この時は、フェニックスも変にツッコミを入れずに、バハムートを認めた。
バハムートの寛大さには、感謝し、尊敬しているのは事実だから。
この時くらいは、フェニックスもバハムートの冗談に乗ろうと思った。

「そんな偉大なバハムート王に聞きたいことがあるんですが?」
「おう!なんだ、フェニックス?」
「ラムウと書類業務してくれたんだそうですね?」
「む・・・そ、それは・・・」
「その割には、全然終わってないみたいですが・・・それは、
どういうことなのでしょうか?教えて頂けませんでしょうか?
バハムート王?」

フェニックスは穏やかな笑顔のまま、バハムートに確認する。
バハムートは、気まずそうな苦笑いをしたまま、回答に困る。

「ラムウにな・・・説教されてた・・・」
「そうですか。そんな気がしてました。」

観念して、答えるバハムートに、フェニックスは責めなかった。
自分がバハムートに許して貰ったのだから、自分も今回は許すしかあるまい。

「お・・・珍しく、フェニックスも説教しないな?」
「私にまで、されたいのですか?ご希望でしたら、しますが?」
「ヤダ!断る!!」

バハムートは全力でフェニックスの説教を断った。
フェニックスはそんなバハムートも最近、なんだかんだと
気に入ってる自分がいることに気づいてしまった。
気難しいだけの王なら、やっぱり魅力はないのだろう。
フェニックスはそんな感じがした。

「わかりました。
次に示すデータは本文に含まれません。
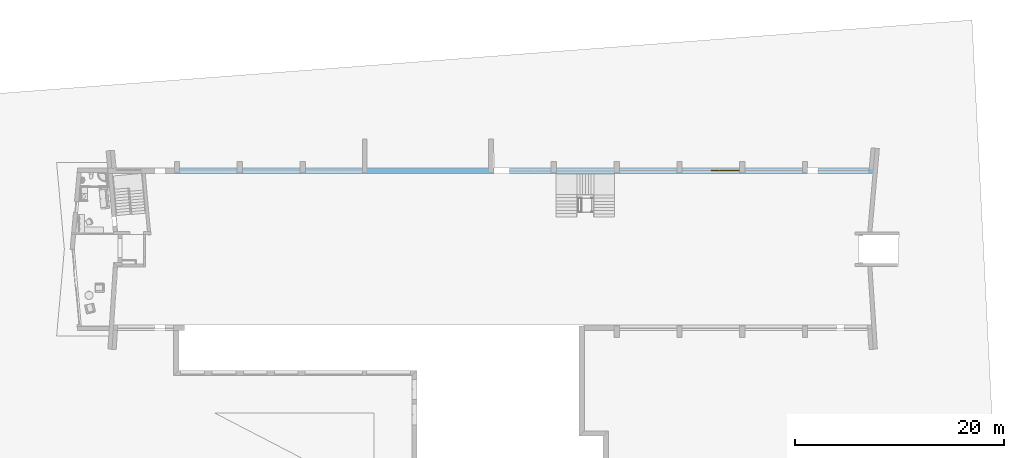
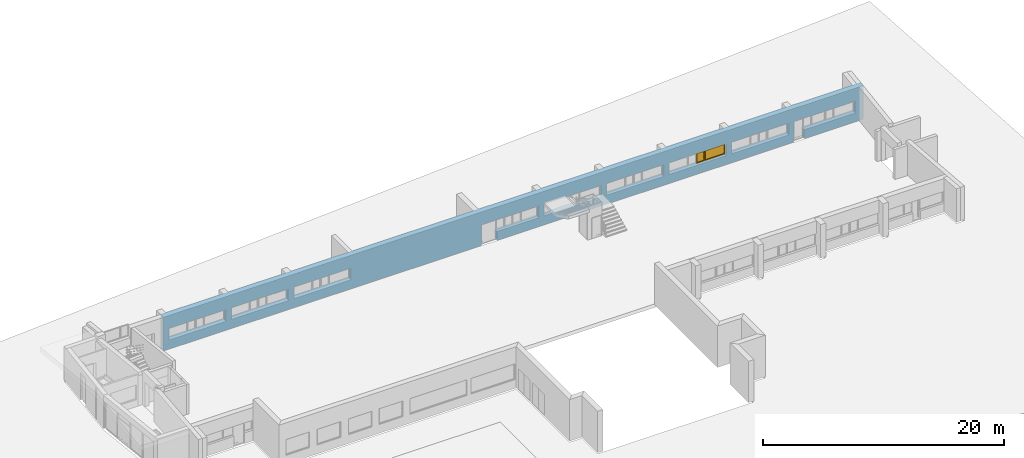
# One storey, part 22 of 36: 1 window, 20 openings, plus 1 element that does not belong to this part.
"""IFC2X3 building model written with IfcOpenShell, lengths in millimetres."""

from ifc_helpers import new_model, entity, si_unit, converted_unit, money_unit, direction, frame, origin_with_axes, place, context, subcontext, project, spatial, polyline, outline, extrude, open_shell, faceted_brep, surface_model, material, material_list, layer, layer_set, layer_usage, type_object, element, fill, save


model = new_model("IFC2X3")

# Units and contexts
model_context = context("Model", 3, precision=1e-05, world=origin_with_axes(), true_north=direction((0.0, 1.0)))
body_context = subcontext(model_context, "Body", "Model", "MODEL_VIEW")
ifc_project = project(units=[si_unit("LENGTHUNIT", "METRE", prefix="MILLI"), si_unit("AREAUNIT", "SQUARE_METRE"), si_unit("VOLUMEUNIT", "CUBIC_METRE"), converted_unit("PLANEANGLEUNIT", "DEGREE", entity("IfcPlaneAngleMeasure", 0.0174532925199), si_unit("PLANEANGLEUNIT", "RADIAN"), dimensions=[0, 0, 0, 0, 0, 0, 0]), si_unit("SOLIDANGLEUNIT", "STERADIAN"), money_unit("USD"), converted_unit("TIMEUNIT", "Year", entity("IfcTimeMeasure", 31556926.0), si_unit("TIMEUNIT", "SECOND"), dimensions=[0, 0, 0, 0, 0, 0, 0]), si_unit("MASSUNIT", "GRAM"), si_unit("THERMODYNAMICTEMPERATUREUNIT", "DEGREE_CELSIUS"), si_unit("LUMINOUSINTENSITYUNIT", "LUMEN")], contexts=[model_context])

# Site, building, storey
site_placement = place(None, origin_with_axes())
site = spatial("IfcSite", under=ifc_project, at=site_placement, Name="Site", CompositionType="ELEMENT")
building_placement = place(site_placement, origin_with_axes())
building = spatial("IfcBuilding", under=site, at=building_placement, Name="Building", CompositionType="ELEMENT")
storey_placement = place(building_placement, frame((0.0, 0.0, -3400.0), z_axis=(0.0, 0.0, 1.0), x_axis=(1.0, 0.0, 0.0)))
storey = spatial("IfcBuildingStorey", under=building, at=storey_placement, Name="1KORRUS", CompositionType="ELEMENT", Elevation=-3400.0)

# Wall, openings, window
ifc_material_1 = material(Name="Olemasolevad seinad tellis, uus viimistlus")
ifc_layer = layer(ifc_material_1, 500.0, ventilated="UNKNOWN")
ifc_layer_set = layer_set([ifc_layer], Name="Olemasolevad seinad tellis, uus viimistlus 500")
ifc_layer_usage = layer_usage(ifc_layer_set, "AXIS2", "POSITIVE", -100.0)
wall_type = type_object("IfcWallType", Name="Olemasolevad seinad tellis, uus viimistlus 500", PredefinedType="NOTDEFINED")
wall_placement = place(storey_placement, frame((-48393.8274049, -5039.6041088, 0.0), z_axis=(0.0, 0.0, 1.0), x_axis=(1.0, 0.0, 0.0)))
wall = element("IfcWallStandardCase", 1, at=wall_placement, inside=storey, type_object=wall_type, material=ifc_layer_usage, Name="VS1", ObjectType="VS1", context=body_context, shape_type="SweptSolid", body=[
    extrude(outline(polyline([(0.0, -100.0), (67149.8194303, -100.0), (67149.8194303, 400.0), (0.0, 400.0), (0.0, -100.0)])), origin_with_axes(), (0.0, 0.0, 1.0), 3400.0),
])
opening_1_placement = place(wall_placement, frame((1878.53070154, 0.0, 900.0), z_axis=(0.0, 0.0, 1.0), x_axis=(1.0, 0.0, 0.0)))
element("IfcOpeningElement", 2, at=opening_1_placement, cuts=wall, Name="Olemasolevad aknad jäävad", context=body_context, shape_type="SweptSolid", body=[
    extrude(outline(polyline([(-1375.0, 1200.0), (-1375.0, 0.0), (1375.0, 0.0), (1375.0, 1200.0), (-1375.0, 1200.0)])), frame((0.0, 250.0, 0.0), z_axis=(0.0, -1.0, 0.0), x_axis=(1.0, 0.0, 0.0)), (0.0, 0.0, 1.0), 850.0),
    extrude(outline(polyline([(-1375.0, 0.0), (-1375.0, -1200.0), (1375.0, -1200.0), (1375.0, 0.0), (-1375.0, 0.0)])), frame((0.0, 250.0, 0.0), z_axis=(0.0, 1.0, 0.0), x_axis=(1.0, 0.0, 0.0)), (0.0, 0.0, 1.0), 650.0),
])
opening_2_placement = place(wall_placement, frame((7878.53070154, 0.0, 900.0), z_axis=(0.0, 0.0, 1.0), x_axis=(1.0, 0.0, 0.0)))
element("IfcOpeningElement", 3, at=opening_2_placement, cuts=wall, Name="Olemasolevad aknad jäävad", context=body_context, shape_type="SweptSolid", body=[
    extrude(outline(polyline([(-1375.0, 1200.0), (-1375.0, 0.0), (1375.0, 0.0), (1375.0, 1200.0), (-1375.0, 1200.0)])), frame((0.0, 250.0, 0.0), z_axis=(0.0, -1.0, 0.0), x_axis=(1.0, 0.0, 0.0)), (0.0, 0.0, 1.0), 850.0),
    extrude(outline(polyline([(-1375.0, 0.0), (-1375.0, -1200.0), (1375.0, -1200.0), (1375.0, 0.0), (-1375.0, 0.0)])), frame((0.0, 250.0, 0.0), z_axis=(0.0, 1.0, 0.0), x_axis=(1.0, 0.0, 0.0)), (0.0, 0.0, 1.0), 650.0),
])
opening_3_placement = place(wall_placement, frame((13878.5307015, 0.0, 900.0), z_axis=(0.0, 0.0, 1.0), x_axis=(1.0, 0.0, 0.0)))
element("IfcOpeningElement", 4, at=opening_3_placement, cuts=wall, Name="Olemasolevad aknad jäävad", context=body_context, shape_type="SweptSolid", body=[
    extrude(outline(polyline([(-1375.0, 1200.0), (-1375.0, 0.0), (1375.0, 0.0), (1375.0, 1200.0), (-1375.0, 1200.0)])), frame((0.0, 250.0, 0.0), z_axis=(0.0, -1.0, 0.0), x_axis=(1.0, 0.0, 0.0)), (0.0, 0.0, 1.0), 850.0),
    extrude(outline(polyline([(-1375.0, 0.0), (-1375.0, -1200.0), (1375.0, -1200.0), (1375.0, 0.0), (-1375.0, 0.0)])), frame((0.0, 250.0, 0.0), z_axis=(0.0, 1.0, 0.0), x_axis=(1.0, 0.0, 0.0)), (0.0, 0.0, 1.0), 650.0),
])
opening_4_placement = place(wall_placement, frame((4628.53070154, 0.0, 900.0), z_axis=(0.0, 0.0, 1.0), x_axis=(1.0, 0.0, 0.0)))
element("IfcOpeningElement", 5, at=opening_4_placement, cuts=wall, Name="Olemasolevad aknad jäävad", context=body_context, shape_type="SweptSolid", body=[
    extrude(outline(polyline([(1375.0, 1200.0), (-1375.0, 1200.0), (-1375.0, 0.0), (1375.0, 0.0), (1375.0, 1200.0)])), frame((0.0, 250.0, 0.0), z_axis=(0.0, -1.0, 0.0), x_axis=(1.0, 0.0, 0.0)), (0.0, 0.0, 1.0), 850.0),
    extrude(outline(polyline([(1375.0, 0.0), (-1375.0, 0.0), (-1375.0, -1200.0), (1375.0, -1200.0), (1375.0, 0.0)])), frame((0.0, 250.0, 0.0), z_axis=(0.0, 1.0, 0.0), x_axis=(1.0, 0.0, 0.0)), (0.0, 0.0, 1.0), 650.0),
])
opening_5_placement = place(wall_placement, frame((10628.5307015, 0.0, 900.0), z_axis=(0.0, 0.0, 1.0), x_axis=(1.0, 0.0, 0.0)))
element("IfcOpeningElement", 6, at=opening_5_placement, cuts=wall, Name="Olemasolevad aknad jäävad", context=body_context, shape_type="SweptSolid", body=[
    extrude(outline(polyline([(1375.0, 1200.0), (-1375.0, 1200.0), (-1375.0, 0.0), (1375.0, 0.0), (1375.0, 1200.0)])), frame((0.0, 250.0, 0.0), z_axis=(0.0, -1.0, 0.0), x_axis=(1.0, 0.0, 0.0)), (0.0, 0.0, 1.0), 850.0),
    extrude(outline(polyline([(1375.0, 0.0), (-1375.0, 0.0), (-1375.0, -1200.0), (1375.0, -1200.0), (1375.0, 0.0)])), frame((0.0, 250.0, 0.0), z_axis=(0.0, 1.0, 0.0), x_axis=(1.0, 0.0, 0.0)), (0.0, 0.0, 1.0), 650.0),
])
opening_6_placement = place(wall_placement, frame((16616.9651775, 0.0, 900.0), z_axis=(0.0, 0.0, 1.0), x_axis=(1.0, 0.0, 0.0)))
element("IfcOpeningElement", 7, at=opening_6_placement, cuts=wall, Name="Olemasolevad aknad jäävad", context=body_context, shape_type="SweptSolid", body=[
    extrude(outline(polyline([(1375.0, 1200.0), (-1375.0, 1200.0), (-1375.0, 0.0), (1375.0, 0.0), (1375.0, 1200.0)])), frame((0.0, 250.0, 0.0), z_axis=(0.0, -1.0, 0.0), x_axis=(1.0, 0.0, 0.0)), (0.0, 0.0, 1.0), 850.0),
    extrude(outline(polyline([(1375.0, 0.0), (-1375.0, 0.0), (-1375.0, -1200.0), (1375.0, -1200.0), (1375.0, 0.0)])), frame((0.0, 250.0, 0.0), z_axis=(0.0, 1.0, 0.0), x_axis=(1.0, 0.0, 0.0)), (0.0, 0.0, 1.0), 650.0),
])
opening_7_placement = place(wall_placement, frame((34803.5307015, 0.0, 900.0), z_axis=(0.0, 0.0, 1.0), x_axis=(1.0, 0.0, 0.0)))
element("IfcOpeningElement", 8, at=opening_7_placement, cuts=wall, Name="Olemasolevad aknad jäävad", context=body_context, shape_type="SweptSolid", body=[
    extrude(outline(polyline([(1200.0, 0.0), (-1200.0, 0.0), (-1200.0, -1200.0), (1200.0, -1200.0), (1200.0, 0.0)])), frame((0.0, 100.0, 0.0), z_axis=(0.0, 1.0, 0.0), x_axis=(1.0, 0.0, 0.0)), (0.0, 0.0, 1.0), 800.0),
    extrude(outline(polyline([(1200.0, 1200.0), (-1200.0, 1200.0), (-1200.0, 0.0), (1200.0, 0.0), (1200.0, 1200.0)])), frame((0.0, 100.0, 0.0), z_axis=(0.0, -1.0, 0.0), x_axis=(1.0, 0.0, 0.0)), (0.0, 0.0, 1.0), 700.0),
])
opening_8_placement = place(wall_placement, frame((40625.1633636, 0.0, 900.0), z_axis=(0.0, 0.0, 1.0), x_axis=(1.0, 0.0, 0.0)))
element("IfcOpeningElement", 9, at=opening_8_placement, cuts=wall, Name="Olemasolevad aknad jäävad", context=body_context, shape_type="SweptSolid", body=[
    extrude(outline(polyline([(1400.0, 0.0), (-1400.0, 0.0), (-1400.0, -1200.0), (1400.0, -1200.0), (1400.0, 0.0)])), frame((0.0, 100.0, 0.0), z_axis=(0.0, 1.0, 0.0), x_axis=(1.0, 0.0, 0.0)), (0.0, 0.0, 1.0), 800.0),
    extrude(outline(polyline([(1400.0, 1200.0), (-1400.0, 1200.0), (-1400.0, 0.0), (1400.0, 0.0), (1400.0, 1200.0)])), frame((0.0, 100.0, 0.0), z_axis=(0.0, -1.0, 0.0), x_axis=(1.0, 0.0, 0.0)), (0.0, 0.0, 1.0), 700.0),
])
opening_9_placement = place(wall_placement, frame((37871.3218818, 0.0, 900.0), z_axis=(0.0, 0.0, 1.0), x_axis=(1.0, 0.0, 0.0)))
element("IfcOpeningElement", 10, at=opening_9_placement, cuts=wall, Name="Olemasolevad aknad jäävad", context=body_context, shape_type="SweptSolid", body=[
    extrude(outline(polyline([(-1367.791, 0.0), (-1367.791, -1200.0), (1367.791, -1200.0), (1367.791, 0.0), (-1367.791, 0.0)])), frame((0.0, 150.0, 0.0), z_axis=(0.0, 1.0, 0.0), x_axis=(1.0, 0.0, 0.0)), (0.0, 0.0, 1.0), 750.0),
    extrude(outline(polyline([(-1367.791, 1200.0), (-1367.791, 0.0), (1367.791, 0.0), (1367.791, 1200.0), (-1367.791, 1200.0)])), frame((0.0, 150.0, 0.0), z_axis=(0.0, -1.0, 0.0), x_axis=(1.0, 0.0, 0.0)), (0.0, 0.0, 1.0), 750.0),
])
opening_10_placement = place(wall_placement, frame((46628.5307015, 0.0, 900.0), z_axis=(0.0, 0.0, 1.0), x_axis=(1.0, 0.0, 0.0)))
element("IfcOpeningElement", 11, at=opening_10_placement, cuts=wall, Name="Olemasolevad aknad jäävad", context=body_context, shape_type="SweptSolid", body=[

ラムウにはラムウのやり方があるでしょう。
私と一緒に仕事して頂く時には、バハムート。私のやり方で、
して貰いますね?」
「うん。お手柔らかに頼む。」
「はい、はい。お任せ下さい。」

フェニックスは、バハムートとまた絆が深まった感じがしていた。
今後は、絶対にどんな些細なことも、バハムートに話そうと。
バハムートから、そう歩み寄ってくれたのだから、信頼すべきだ。
と、フェニックスは実感していた。